Prompt: All lines holding the word "loops" should be located in the records and copied.

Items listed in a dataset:
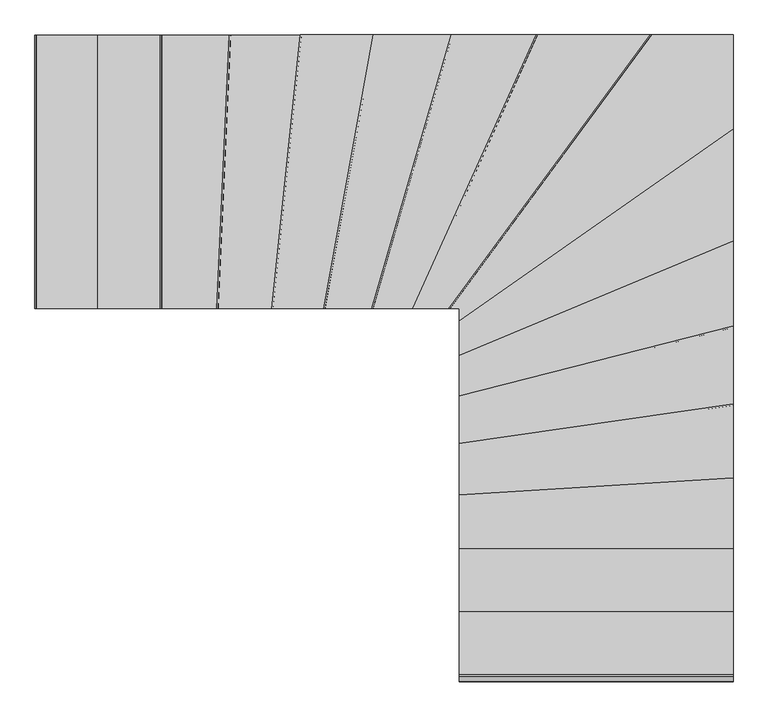
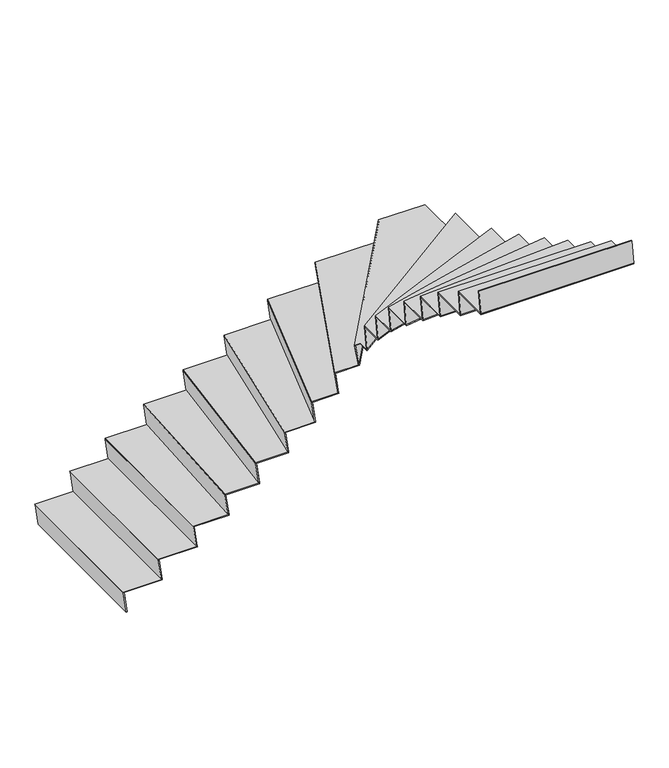
"""IFC4 building model written with IfcOpenShell, lengths in millimetres: stair flight geometry."""

import ifcopenshell
import ifcopenshell.guid

model = None  # the IFC model being written
_history = None  # IfcOwnerHistory: only IFC2X3 demands one
_inside = {}  # id of a spatial element -> (the spatial element, [elements in it])
_under = {}  # id of a project, library or spatial element -> (it, [spatial elements below it])
_declared = {}  # id of a project -> (the project, [libraries it declares])
_typed = {}  # id of a type object -> (the type object, [elements of that type])
_made_of = {}  # id of a material, layer set ... -> (it, [elements and type objects made of it])


def new_model(schema):
    """Start an empty IFC model of exactly this schema.

    Asked for "IFC4X3", IfcOpenShell would pick the latest addendum, in which some entities
    have other attributes; the version numbers below select the first issue.
    IFC2X3 requires an IfcOwnerHistory on every rooted entity: one is made here for all.
    """
    global model, _history
    if schema == "IFC4X3":
        model = ifcopenshell.file(schema_version=(4, 3, 0, 0))
    else:
        model = ifcopenshell.file(schema=schema)
    _inside.clear()
    _under.clear()
    _declared.clear()
    _typed.clear()
    _made_of.clear()
    _history = None
    if model.schema == "IFC2X3":
        org = make("IfcOrganization", Name="unknown")
        user = make(
            "IfcPersonAndOrganization",
            ThePerson=make("IfcPerson", FamilyName="unknown"),
            TheOrganization=org,
        )
        app = make(
            "IfcApplication",
            ApplicationDeveloper=org,
            Version="unknown",
            ApplicationFullName="unknown",
            ApplicationIdentifier="unknown",
        )
        _history = make(
            "IfcOwnerHistory",
            OwningUser=user,
            OwningApplication=app,
            ChangeAction="ADDED",
            CreationDate=0,
        )
    return model


def make(cls, **values):
    """One entity of the class cls with the attributes given. An attribute that is None is left unset."""
    return model.create_entity(
        cls, **{name: value for name, value in values.items() if value is not None}
    )


def rooted(cls, **values):
    """An entity with a GlobalId (a new one), such as an element, a storey or a relation."""
    return make(cls, GlobalId=ifcopenshell.guid.new(), OwnerHistory=_history, **values)


def si_unit(unit_type, name, prefix=None):
    """IfcSIUnit, for example si_unit("LENGTHUNIT", "METRE", prefix="MILLI")."""
    return make("IfcSIUnit", UnitType=unit_type, Prefix=prefix, Name=name)


def assignment(units):
    """IfcUnitAssignment: the units of a project."""
    return None if units is None else make("IfcUnitAssignment", Units=units)


def point(xyz):
    """IfcCartesianPoint."""
    return None if xyz is None else make("IfcCartesianPoint", Coordinates=xyz)


def direction(xyz):
    """IfcDirection."""
    return None if xyz is None else make("IfcDirection", DirectionRatios=xyz)


def frame(location, z_axis=None, x_axis=None):
    """IfcAxis2Placement3D, a coordinate frame: its origin and axes. An axis left out is left unset."""
    return make(
        "IfcAxis2Placement3D",
        Location=point(location),
        Axis=direction(z_axis),
        RefDirection=direction(x_axis),
    )


def origin():
    """The frame at (0, 0, 0) with its axes left unset."""
    return frame((0.0, 0.0, 0.0))


def place(relative_to, where):
    """IfcLocalPlacement: puts the frame where relative to a parent placement (None: the world)."""
    return make(
        "IfcLocalPlacement", PlacementRelTo=relative_to, RelativePlacement=where
    )


def context(
    kind, dimensions, precision=None, world=None, true_north=None, identifier=None
):
    """IfcGeometricRepresentationContext, for example the 3D "Model" context."""
    return make(
        "IfcGeometricRepresentationContext",
        ContextIdentifier=identifier,
        ContextType=kind,
        CoordinateSpaceDimension=dimensions,
        Precision=precision,
        WorldCoordinateSystem=world,
        TrueNorth=true_north,
    )


def project(units=None, contexts=None):
    """IfcProject with its units and contexts."""
    return rooted(
        "IfcProject",
        Name="project",
        RepresentationContexts=contexts,
        UnitsInContext=assignment(units),
    )


def spatial(cls, under=None, at=None, **own):
    """A site, building, storey or space (cls), placed at a placement, below another one or the project."""
    s = rooted(cls, ObjectPlacement=at, **own)
    if under is not None:
        _under.setdefault(under.id(), (under, []))[1].append(s)
    return s


def faces_of(points, faces, orient=None, outer=None):
    """IfcFace entities. A face is a list of loops; a loop is a list of indices into points, from 0.

    orient and outer hold one flag for each loop. By default every Orientation is true, the
    first loop of a face is its IfcFaceOuterBound and the others are IfcFaceBound.
    """
    made = []
    for i, loops in enumerate(faces):
        bounds = []
        for j, loop in enumerate(loops):
            is_outer = j == 0 if outer is None else outer[i][j]
            bounds.append(
                make(
                    "IfcFaceOuterBound" if is_outer else "IfcFaceBound",
                    Bound=make("IfcPolyLoop", Polygon=[points[k] for k in loop]),
                    Orientation=True if orient is None else orient[i][j],
                )
            )
        made.append(make("IfcFace", Bounds=bounds))
    return made


def faceted_brep(points, faces, orient=None, outer=None, voids=None):
    """IfcFacetedBrep: a solid bounded by flat faces; with voids (closed shells), ...WithVoids."""
    shared = [point(p) for p in points]
    hull = make("IfcClosedShell", CfsFaces=faces_of(shared, faces, orient, outer))
    if voids is None:
        return make("IfcFacetedBrep", Outer=hull)
    return make(
        "IfcFacetedBrepWithVoids",
        Outer=hull,
        Voids=[
            make(cls, CfsFaces=faces_of(shared, fs, o, b)) for cls, fs, o, b in voids
        ],
    )


def shape(context_of_items, identifier, shape_type, items):
    """IfcShapeRepresentation: the items that make up one representation, for example the "Body"."""
    return make(
        "IfcShapeRepresentation",
        ContextOfItems=context_of_items,
        RepresentationIdentifier=identifier,
        RepresentationType=shape_type,
        Items=items,
    )


def source(mapping_origin, context_of_items, identifier, shape_type, items):
    """IfcRepresentationMap: a shape defined once, which mapped items show again and again."""
    return make(
        "IfcRepresentationMap",
        MappingOrigin=mapping_origin,
        MappedRepresentation=shape(context_of_items, identifier, shape_type, items),
    )


def transform(
    local_origin,
    x_axis=None,
    y_axis=None,
    z_axis=None,
    scale=None,
    scale2=None,
    scale3=None,
    uniform=True,
):
    """IfcCartesianTransformationOperator3D, or its non-uniform kind. x_axis, y_axis, z_axis: its Axis1, 2, 3."""
    if uniform:
        return make(
            "IfcCartesianTransformationOperator3D",
            Axis1=direction(x_axis),
            Axis2=direction(y_axis),
            LocalOrigin=point(local_origin),
            Scale=scale,
            Axis3=direction(z_axis),
        )
    return make(
        "IfcCartesianTransformationOperator3DnonUniform",
        Axis1=direction(x_axis),
        Axis2=direction(y_axis),
        LocalOrigin=point(local_origin),
        Scale=scale,
        Axis3=direction(z_axis),
        Scale2=scale2,
        Scale3=scale3,
    )


def mapped(mapping_source, mapping_target):
    """IfcMappedItem: shows the shape of a source again, moved by a transform."""
    return make(
        "IfcMappedItem", MappingSource=mapping_source, MappingTarget=mapping_target
    )


def made_of(thing, what):
    """Note that an element or type object is made of a material, layer set ...; save() writes the relation."""
    if what is not None:
        _made_of.setdefault(what.id(), (what, []))[1].append(thing)
    return thing


def element(
    cls,
    number,
    at=None,
    inside=None,
    cuts=None,
    type_object=None,
    material=None,
    context=None,
    identifier="Body",
    shape_type=None,
    held_by="IfcProductDefinitionShape",
    body=None,
    shapes=None,
    **own,
):
    """One element of the class cls, such as IfcWall. Its Tag is "e" and its number.

    at: its placement. inside: the storey or other place that contains it. cuts: it is an
    opening in that element (IfcRelVoidsElement). A single representation is given by context,
    identifier, shape_type and body (its items); several are given by shapes. held_by: the class
    of the entity that holds the representations. save() writes the other relations.
    """
    e = rooted(cls, Tag="e%d" % number, ObjectPlacement=at, **own)
    if body is not None:
        shapes = [shape(context, identifier, shape_type, body)]
    if shapes is not None:
        e.Representation = make(held_by, Representations=shapes)
    if inside is not None:
        _inside.setdefault(inside.id(), (inside, []))[1].append(e)
    if cuts is not None:
        rooted(
            "IfcRelVoidsElement", RelatingBuildingElement=cuts, RelatedOpeningElement=e
        )
    if type_object is not None:
        _typed.setdefault(type_object.id(), (type_object, []))[1].append(e)
    return made_of(e, material)


def aggregate(whole, parts):
    """IfcRelAggregates: a whole, such as a stair, and the parts it consists of."""
    return rooted("IfcRelAggregates", RelatingObject=whole, RelatedObjects=parts)


def save(model, path):
    """Write the relations noted so far, then the file.

    IfcRelAggregates (storeys below a building ...), IfcRelContainedInSpatialStructure (elements
    in a storey), IfcRelDefinesByType, IfcRelAssociatesMaterial and IfcRelDeclares: one each for
    every whole, place, type object, material and project.
    """
    for whole, parts in _under.values():
        aggregate(whole, parts)
    for where, things in _inside.values():
        rooted(
            "IfcRelContainedInSpatialStructure",
            RelatedElements=things,
            RelatingStructure=where,
        )
    for kind, things in _typed.values():
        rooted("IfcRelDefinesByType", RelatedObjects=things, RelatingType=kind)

Task answer:
    """IfcFace entities. A face is a list of loops; a loop is a list of indices into points, from 0.
    for i, loops in enumerate(faces):
        for j, loop in enumerate(loops):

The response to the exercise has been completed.